■ **Required work**
Report every line below that carries the word "předměty".

■ **Record excerpts**
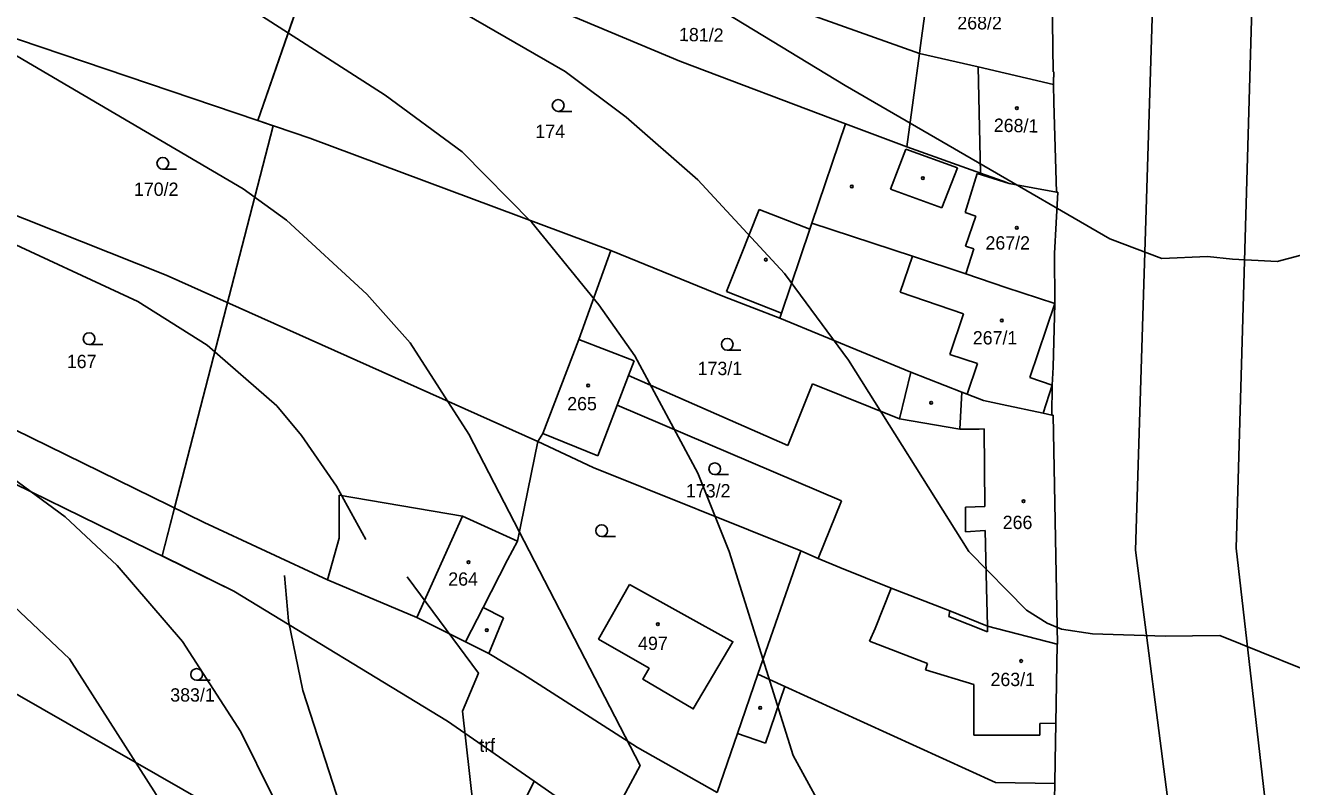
# Model space of a CAD drawing. Extents: x -555860 to -552701, y -1187050 to -1182291.
# Drawn here: x -554759.3 to -554597.5, y -1185002.9 to -1184905.7 of the extents above; entities that cross this region are included whole.
import ezdxf

# ---------------------------------------------------------------- set-up
doc = ezdxf.new("R2010")
doc.units = 0
for name, color, linetype in [('CYKLISTI_stav', 7, 'Continuous'), ('LEG_2b', 7, 'Continuous'), ('Level 16', 7, 'Continuous'), ('Level 25', 7, 'Continuous'), ('Level 32', 7, 'Continuous'), ('Level 40', 7, 'Continuous'), ('Level 41', 7, 'Continuous'), ('navrh_BV', 7, 'Continuous'), ('Poz předměty', 7, 'Continuous')]:
    doc.layers.add(name, color=color, linetype=linetype)

msp = doc.modelspace()

# ---------------------------------------------------------------- linework, layer by layer
at = {"layer": 'CYKLISTI_stav'}
for p, q in [((-554637.55, -1184910.99), (-554637.25, -1184924.57)), ((-554648.75, -1184926.59), (-554646.78, -1184921.5)), ((-554646.78, -1184921.5), (-554640.18, -1184923.87)), ((-554640.18, -1184923.87), (-554642.17, -1184928.97)), ((-554639.18, -1184929.56), (-554637.66, -1184924.6)), ((-554637.66, -1184924.6), (-554633.58, -1184925.88)), ((-554642.17, -1184928.97), (-554648.75, -1184926.59)), ((-554637.82, -1184930.03), (-554639.18, -1184929.56)), ((-554639.15, -1184933.88), (-554637.82, -1184930.03)), ((-554662.68, -1184942.42), (-554659.06, -1184931.73)), ((-554638.09, -1184934.22), (-554639.15, -1184933.88)), ((-554639.12, -1184937.43), (-554638.09, -1184934.22)), ((-554647.49, -1184939.77), (-554645.94, -1184935.14)), ((-554639.42, -1184942.53), (-554647.49, -1184939.77)), ((-554630.92, -1184950.65), (-554627.75, -1184941.22)), ((-554641.15, -1184947.7), (-554639.42, -1184942.53)), ((-554637.64, -1184948.84), (-554641.15, -1184947.7)), ((-554638.94, -1184952.76), (-554637.64, -1184948.84)), ((-554628.09, -1184951.61), (-554630.92, -1184950.65)), ((-554629.25, -1184955.2), (-554628.09, -1184951.61)), ((-554639.86, -1184957.26), (-554639.63, -1184952.5)), ((-554647.6, -1184955.91), (-554639.86, -1184957.26)), ((-554639.86, -1184957.26), (-554639.29, -1184957.25)), ((-554639.29, -1184957.25), (-554637.4, -1184957.23)), ((-554637.4, -1184957.23), (-554636.78, -1184957.22)), ((-554636.78, -1184957.22), (-554636.7, -1184967.11)), ((-554639.15, -1184967.19), (-554639.17, -1184970.34)), ((-554636.7, -1184967.11), (-554639.15, -1184967.19)), ((-554703.45, -1184968.37), (-554709.26, -1184981.28)), ((-554639.17, -1184970.34), (-554636.66, -1184970.17)), ((-554636.66, -1184970.17), (-554636.48, -1184977.49)), ((-554650.7, -1184982.7), (-554648.66, -1184977.56)), ((-554636.48, -1184977.49), (-554636.36, -1184982.42)), ((-554703.04, -1184984.4), (-554700.79, -1184980.02)), ((-554641.16, -1184980.45), (-554641.29, -1184981.15)), ((-554641.29, -1184981.15), (-554636.34, -1184983.13)), ((-554651.44, -1184984.3), (-554650.7, -1184982.7)), ((-554636.34, -1184983.13), (-554636.36, -1184982.42)), ((-554644.03, -1184987.17), (-554651.44, -1184984.3)), ((-554644.27, -1184987.96), (-554644.03, -1184987.17)), ((-554638.09, -1184989.86), (-554644.27, -1184987.96)), ((-554664.72, -1184997.33), (-554662.23, -1184990.11)), ((-554638.08, -1184996.33), (-554638.09, -1184989.86)), ((-554627.63, -1184994.79), (-554629.65, -1184994.83)), ((-554629.65, -1184994.83), (-554629.64, -1184996.31)), ((-554668.31, -1184996.1), (-554664.72, -1184997.33)), ((-554629.64, -1184996.31), (-554638.08, -1184996.33))]:
    msp.add_line(p, q, dxfattribs=at)
msp.add_lwpolyline([(-554682.08, -1184977.07), (-554668.88, -1184984.38), (-554673.95, -1184992.97), (-554680.39, -1184989.17), (-554679.59, -1184987.78), (-554686.04, -1184984.04), (-554682.08, -1184977.07)], dxfattribs=at)
at = {"layer": 'Level 25'}
for p, q in [((-554691.21, -1184916.67), (-554689.46, -1184916.67)), ((-554741.74, -1184924.05), (-554739.99, -1184924.05)), ((-554751.16, -1184946.45), (-554749.41, -1184946.45)), ((-554669.61, -1184947.16), (-554667.86, -1184947.16)), ((-554671.2, -1184963.05), (-554669.45, -1184963.05)), ((-554685.65, -1184970.96), (-554683.9, -1184970.96)), ((-554737.42, -1184989.31), (-554735.67, -1184989.31))]:
    msp.add_line(p, q, dxfattribs=at)
for centre, radius in [((-554691.21, -1184915.92), 0.75), ((-554632.58, -1184916.26), 0.175), ((-554741.74, -1184923.3), 0.75), ((-554653.69, -1184926.26), 0.175), ((-554644.6, -1184925.19), 0.175), ((-554632.6, -1184931.53), 0.175), ((-554664.66, -1184935.6), 0.175), ((-554634.51, -1184943.37), 0.175), ((-554751.16, -1184945.7), 0.75), ((-554669.61, -1184946.41), 0.75), ((-554687.39, -1184951.66), 0.175), ((-554643.54, -1184953.87), 0.175), ((-554671.2, -1184962.3), 0.75), ((-554631.73, -1184966.45), 0.175), ((-554685.65, -1184970.21), 0.75), ((-554702.66, -1184974.24), 0.175), ((-554700.34, -1184982.9), 0.175), ((-554678.47, -1184982.14), 0.175), ((-554632.04, -1184986.85), 0.175), ((-554737.42, -1184988.56), 0.75), ((-554665.39, -1184992.84), 0.175)]:
    msp.add_circle(centre, radius, dxfattribs=at)
at = {"layer": 'Level 32'}
for points in [[(-554732.66, -1184977.91), (-554741.83, -1184973.43), (-554727.63, -1184918.52), (-554729.6, -1184917.85), (-554721.19, -1184893.59), (-554717.6, -1184874.5)], [(-554688.49, -1185135.67), (-554674.12, -1185087.36), (-554669.8, -1185074.16), (-554667.89, -1185069.33), (-554666.61, -1185061.26), (-554666.18, -1185059.07), (-554670.81, -1185057.05), (-554678.5, -1185053.7), (-554699.04, -1185044.99), (-554707.18, -1185041.55), (-554704.89, -1185035.88), (-554704.08, -1185033.86), (-554701.54, -1185027.57), (-554700.42, -1185024.78), (-554704.58, -1185023.01), (-554694.27, -1185002.2), (-554705.36, -1184994.55), (-554732.66, -1184977.91)]]:
    msp.add_lwpolyline(points, dxfattribs=at)
at = {"layer": 'Level 40'}
for points in [[(-554753.25, -1184888.97), (-554713.32, -1184914.62), (-554703.47, -1184921.83), (-554694.6, -1184930.84), (-554686, -1184941.38), (-554681.42, -1184947.9), (-554673.38, -1184962.87), (-554669.36, -1184972.85), (-554661.18, -1184998.92), (-554651.22, -1185017.13), (-554653.36, -1185021.96), (-554653, -1185023.74), (-554646.9, -1185029.84), (-554639.96, -1185035.39), (-554629.94, -1185038.24), (-554619.55, -1185039.95), (-554616.33, -1185032.7), (-554610.02, -1185014.45), (-554603.18, -1185013.37), (-554600.22, -1185015.78), (-554589.63, -1185026.24)], [(-554763.23, -1184977.57), (-554753.66, -1184986.58), (-554742.57, -1185003.91), (-554727.6, -1185035.53), (-554723.83, -1185045.91), (-554720.39, -1185056.6), (-554716.07, -1185072.64), (-554713.87, -1185082.95), (-554709.29, -1185109.29), (-554701.71, -1185171.5), (-554701.71, -1185175.79)]]:
    msp.add_lwpolyline(points, dxfattribs=at)
at = {"layer": 'Level 41'}
for points in [[(-554694.46, -1184889.1), (-554654.53, -1184913.37), (-554620.71, -1184932.96), (-554614.05, -1184935.45), (-554608.22, -1184935.19), (-554605.05, -1184935.56), (-554599.34, -1184935.83), (-554593.52, -1184934.31), (-554588.92, -1184931.8), (-554584.09, -1184928.62), (-554577.57, -1184923.21), (-554561.62, -1184903.94)], [(-554723.3, -1184892.57), (-554690.3, -1184911.57), (-554682.53, -1184917.39), (-554673.38, -1184925.43), (-554662.29, -1184937.36), (-554654.11, -1184948.45), (-554638.72, -1184972.85), (-554631.37, -1184980.34), (-554628.73, -1184982), (-554626.87, -1184982.79), (-554622.91, -1184983.39), (-554613.64, -1184983.67), (-554606.66, -1184983.57), (-554591.02, -1184989.91)], [(-554663.04, -1185054.31), (-554670.19, -1185043.29), (-554674.21, -1185033.59), (-554682.89, -1185004.24), (-554680.74, -1185000.21), (-554702.64, -1184957.88), (-554710.13, -1184946.23), (-554715.67, -1184939.99), (-554725.93, -1184930.56), (-554731.48, -1184926.54), (-554778.76, -1184898.81), (-554787.08, -1184895.48), (-554790.96, -1184895.48), (-554794.85, -1184896.73), (-554798.04, -1184898.53), (-554806.77, -1184906.99), (-554822.85, -1184920.86), (-554828.4, -1184924.46), (-554842.41, -1184931.53)], [(-554815.82, -1184932), (-554812.59, -1184930.43), (-554807.88, -1184926.96), (-554799.56, -1184919.05), (-554796.1, -1184916.46), (-554792.21, -1184914.2), (-554790.33, -1184913.49), (-554787.91, -1184913.51), (-554785.38, -1184915.14), (-554777.95, -1184922.89), (-554771, -1184928.07), (-554763.51, -1184932.36), (-554744.93, -1184940.96), (-554736.06, -1184946.51), (-554727.18, -1184954.27), (-554724.03, -1184958.04), (-554719.56, -1184964.53), (-554715.81, -1184971.33)], [(-554763.93, -1184961.34), (-554754.22, -1184968.42), (-554747.56, -1184974.66), (-554739.24, -1184984.36), (-554731.76, -1184995.87), (-554727.73, -1185004.05), (-554718.86, -1185028.04), (-554709.16, -1185051.33), (-554705.97, -1185062.98), (-554704.03, -1185072.31), (-554702.36, -1185084.33), (-554697.65, -1185125.1), (-554692.82, -1185154.47)], [(-554683.62, -1185124.45), (-554690.3, -1185083.78), (-554692.52, -1185072.69), (-554699.31, -1185052.72), (-554719.56, -1185003.91), (-554723.85, -1184990.6), (-554725.66, -1184981.73), (-554726.17, -1184975.93)], [(-554710.51, -1184976.11), (-554701.4, -1184988.4), (-554703.43, -1184993.27), (-554700.7, -1185017.5), (-554690.71, -1185042.74), (-554684.61, -1185056.32), (-554672.83, -1185090.69)]]:
    msp.add_lwpolyline(points, dxfattribs=at)
at = {"layer": 'navrh_BV'}
for p, q in [((-554617.44, -1184972.71), (-554612.53, -1184818.21)), ((-554604.58, -1184972.42), (-554600.09, -1184818.4)), ((-554645.03, -1184909.26), (-554702.72, -1184888.74)), ((-554721.19, -1184893.59), (-554729.6, -1184917.85)), ((-554787.72, -1184898.17), (-554729.6, -1184917.85)), ((-554675.68, -1184910.27), (-554702.93, -1184898.82)), ((-554628.13, -1184899.67), (-554627.94, -1184911.61)), ((-554644.93, -1184908.55), (-554643.92, -1184901.17)), ((-554645.03, -1184909.26), (-554646.67, -1184921.21)), ((-554644.93, -1184908.55), (-554645.03, -1184909.26)), ((-554637.55, -1184910.99), (-554645.03, -1184909.26)), ((-554654.51, -1184918.26), (-554675.68, -1184910.27)), ((-554627.91, -1184913.22), (-554637.55, -1184910.99)), ((-554627.94, -1184911.61), (-554627.86, -1184911.61)), ((-554627.86, -1184911.61), (-554627.88, -1184912.31)), ((-554627.91, -1184913.22), (-554627.93, -1184912.31)), ((-554627.88, -1184912.31), (-554627.93, -1184912.31)), ((-554627.85, -1184915.54), (-554627.91, -1184913.22)), ((-554627.85, -1184915.54), (-554627.54, -1184927)), ((-554729.6, -1184917.85), (-554722.97, -1184920.1)), ((-554741.31, -1184937.6), (-554789.59, -1184918.36)), ((-554654.51, -1184918.26), (-554658.79, -1184930.93)), ((-554646.67, -1184921.21), (-554654.51, -1184918.26)), ((-554722.97, -1184920.1), (-554684.47, -1184934.43)), ((-554637.25, -1184924.57), (-554646.67, -1184921.21)), ((-554634.36, -1184925.6), (-554637.25, -1184924.57)), ((-554633.58, -1184925.88), (-554634.36, -1184925.6)), ((-554627.54, -1184927), (-554633.58, -1184925.88)), ((-554627.76, -1184934.8), (-554627.37, -1184926.99)), ((-554627.37, -1184926.99), (-554627.54, -1184927)), ((-554665.54, -1184929.18), (-554667.93, -1184935.22)), ((-554659.06, -1184931.73), (-554665.54, -1184929.18)), ((-554658.79, -1184930.93), (-554659.06, -1184931.73)), ((-554658.79, -1184930.93), (-554645.94, -1184935.14)), ((-554688.56, -1184945.8), (-554684.47, -1184934.43)), ((-554684.47, -1184934.43), (-554669.96, -1184940.33)), ((-554667.93, -1184935.22), (-554669.7, -1184939.68)), ((-554645.94, -1184935.14), (-554639.12, -1184937.43)), ((-554627.75, -1184941.22), (-554627.76, -1184934.8)), ((-554639.12, -1184937.43), (-554634.02, -1184939.14)), ((-554693.83, -1184958.8), (-554741.31, -1184937.6)), ((-554634.02, -1184939.14), (-554627.75, -1184941.22)), ((-554669.96, -1184940.33), (-554662.9, -1184943.08)), ((-554669.7, -1184939.68), (-554662.68, -1184942.42)), ((-554627.97, -1184949.31), (-554627.75, -1184941.22)), ((-554662.68, -1184942.42), (-554662.9, -1184943.08)), ((-554662.9, -1184943.08), (-554646.15, -1184949.97)), ((-554783.8, -1184945.99), (-554736.45, -1184969.17)), ((-554693.17, -1184957.8), (-554688.56, -1184945.8)), ((-554688.56, -1184945.8), (-554681.49, -1184948.52)), ((-554681.49, -1184948.52), (-554682.22, -1184950.41)), ((-554682.22, -1184950.41), (-554683.67, -1184954.19)), ((-554682.22, -1184950.41), (-554661.88, -1184959.33)), ((-554647.6, -1184955.91), (-554646.15, -1184949.97)), ((-554646.15, -1184949.97), (-554639.63, -1184952.5)), ((-554628.09, -1184951.61), (-554627.97, -1184949.31)), ((-554661.88, -1184959.33), (-554658.73, -1184951.45)), ((-554658.73, -1184951.45), (-554647.6, -1184955.91)), ((-554628.14, -1184955.46), (-554628.09, -1184951.61)), ((-554639.63, -1184952.5), (-554638.94, -1184952.76)), ((-554638.94, -1184952.76), (-554636.84, -1184953.57)), ((-554636.84, -1184953.57), (-554634.49, -1184954.08)), ((-554732.66, -1184977.91), (-554781.86, -1184953.89)), ((-554683.67, -1184954.19), (-554686.16, -1184960.67)), ((-554683.67, -1184954.19), (-554655.02, -1184966.38)), ((-554634.49, -1184954.08), (-554629.25, -1184955.2)), ((-554629.25, -1184955.2), (-554628.14, -1184955.46)), ((-554628.14, -1184955.46), (-554627.97, -1184955.47)), ((-554627.97, -1184955.47), (-554627.4, -1184984.69)), ((-554693.83, -1184958.8), (-554693.17, -1184957.8)), ((-554686.16, -1184960.67), (-554693.17, -1184957.8)), ((-554696.43, -1184971.53), (-554693.83, -1184958.8)), ((-554686.72, -1184962.13), (-554693.83, -1184958.8)), ((-554660.2, -1184972.77), (-554686.72, -1184962.13)), ((-554719.22, -1184971.16), (-554719.2, -1184965.67)), ((-554719.2, -1184965.67), (-554703.45, -1184968.37)), ((-554655.02, -1184966.38), (-554657.99, -1184973.78)), ((-554736.45, -1184969.17), (-554720.7, -1184976.47)), ((-554703.45, -1184968.37), (-554696.43, -1184971.53)), ((-554720.7, -1184976.47), (-554719.22, -1184971.16)), ((-554696.43, -1184971.53), (-554697.67, -1184973.95)), ((-554665.71, -1184988.52), (-554660.2, -1184972.77)), ((-554657.99, -1184973.78), (-554660.2, -1184972.77)), ((-554612.64, -1185009.67), (-554617.44, -1184972.71)), ((-554596.47, -1185043.12), (-554604.58, -1184972.42)), ((-554789.28, -1184974.63), (-554704.58, -1185023.01)), ((-554697.67, -1184973.95), (-554700.79, -1184980.02)), ((-554655.21, -1184974.91), (-554657.99, -1184973.78)), ((-554648.66, -1184977.56), (-554655.21, -1184974.91)), ((-554705.36, -1184994.55), (-554732.66, -1184977.91)), ((-554709.26, -1184981.28), (-554720.7, -1184976.47)), ((-554641.16, -1184980.45), (-554648.66, -1184977.56)), ((-554700.79, -1184980.02), (-554698.19, -1184981.35)), ((-554636.36, -1184982.42), (-554641.16, -1184980.45)), ((-554703.04, -1184984.4), (-554709.26, -1184981.28)), ((-554698.19, -1184981.35), (-554700.07, -1184985.89)), ((-554627.45, -1184984.69), (-554636.36, -1184982.42)), ((-554700.07, -1184985.89), (-554703.04, -1184984.4)), ((-554695.77, -1184988.49), (-554700.07, -1184985.89)), ((-554627.45, -1184984.69), (-554627.63, -1184994.79)), ((-554627.4, -1184984.69), (-554627.45, -1184984.69)), ((-554681.09, -1184997.91), (-554695.77, -1184988.49)), ((-554668.31, -1184996.1), (-554665.71, -1184988.52)), ((-554665.71, -1184988.52), (-554662.23, -1184990.11)), ((-554662.23, -1184990.11), (-554635.34, -1185002.37)), ((-554694.27, -1185002.2), (-554705.36, -1184994.55)), ((-554627.63, -1184994.79), (-554627.71, -1184999.62)), ((-554670.9, -1185003.65), (-554668.31, -1184996.1)), ((-554670.9, -1185003.65), (-554681.09, -1184997.91)), ((-554627.71, -1184999.62), (-554627.75, -1185002.49)), ((-554689.75, -1185005.32), (-554694.27, -1185002.2)), ((-554635.34, -1185002.37), (-554627.75, -1185002.49)), ((-554627.75, -1185002.49), (-554627.84, -1185007.58))]:
    msp.add_line(p, q, dxfattribs=at)
at = {"layer": 'Poz předměty'}
msp.add_lwpolyline([(-554741.83, -1184973.43), (-554740.25, -1184967.31), (-554727.63, -1184918.52)], dxfattribs=at)

# ---------------------------------------------------------------- texts
at = {"layer": 'LEG_2b'}
for s, p in [('268/2', (-554640.2, -1184906.2)), ('174', (-554694.13, -1184920.07)), ('170/2', (-554745.43, -1184927.46)), ('267/2', (-554636.6, -1184934.31)), ('267/1', (-554638.22, -1184946.43)), ('167', (-554754.01, -1184949.45)), ('173/1', (-554673.39, -1184950.34)), ('265', (-554690.06, -1184954.84)), ('173/2', (-554674.88, -1184965.96)), ('266', (-554634.4, -1184970)), ('264', (-554705.26, -1184977.23)), ('497', (-554681, -1184985.44)), ('263/1', (-554635.96, -1184990.05)), ('383/1', (-554740.79, -1184992.03))]:
    msp.add_text(s, height=1.7, dxfattribs=at).set_placement(p)
for s, p in [('181/2', (-554675.78, -1184907.69)), ('268/1', (-554635.55, -1184919.28))]:
    msp.add_text(s, height=1.7, rotation=359, dxfattribs=at).set_placement(p)
at = {"layer": 'Level 16'}
msp.add_text('trf', height=1.7, dxfattribs=at).set_placement((-554701.29, -1184998.45))

doc.saveas('drawing.dxf')

■ **Task result**
for name, color, linetype in [('CYKLISTI_stav', 7, 'Continuous'), ('LEG_2b', 7, 'Continuous'), ('Level 16', 7, 'Continuous'), ('Level 25', 7, 'Continuous'), ('Level 32', 7, 'Continuous'), ('Level 40', 7, 'Continuous'), ('Level 41', 7, 'Continuous'), ('navrh_BV', 7, 'Continuous'), ('Poz předměty', 7, 'Continuous')]:
at = {"layer": 'Poz předměty'}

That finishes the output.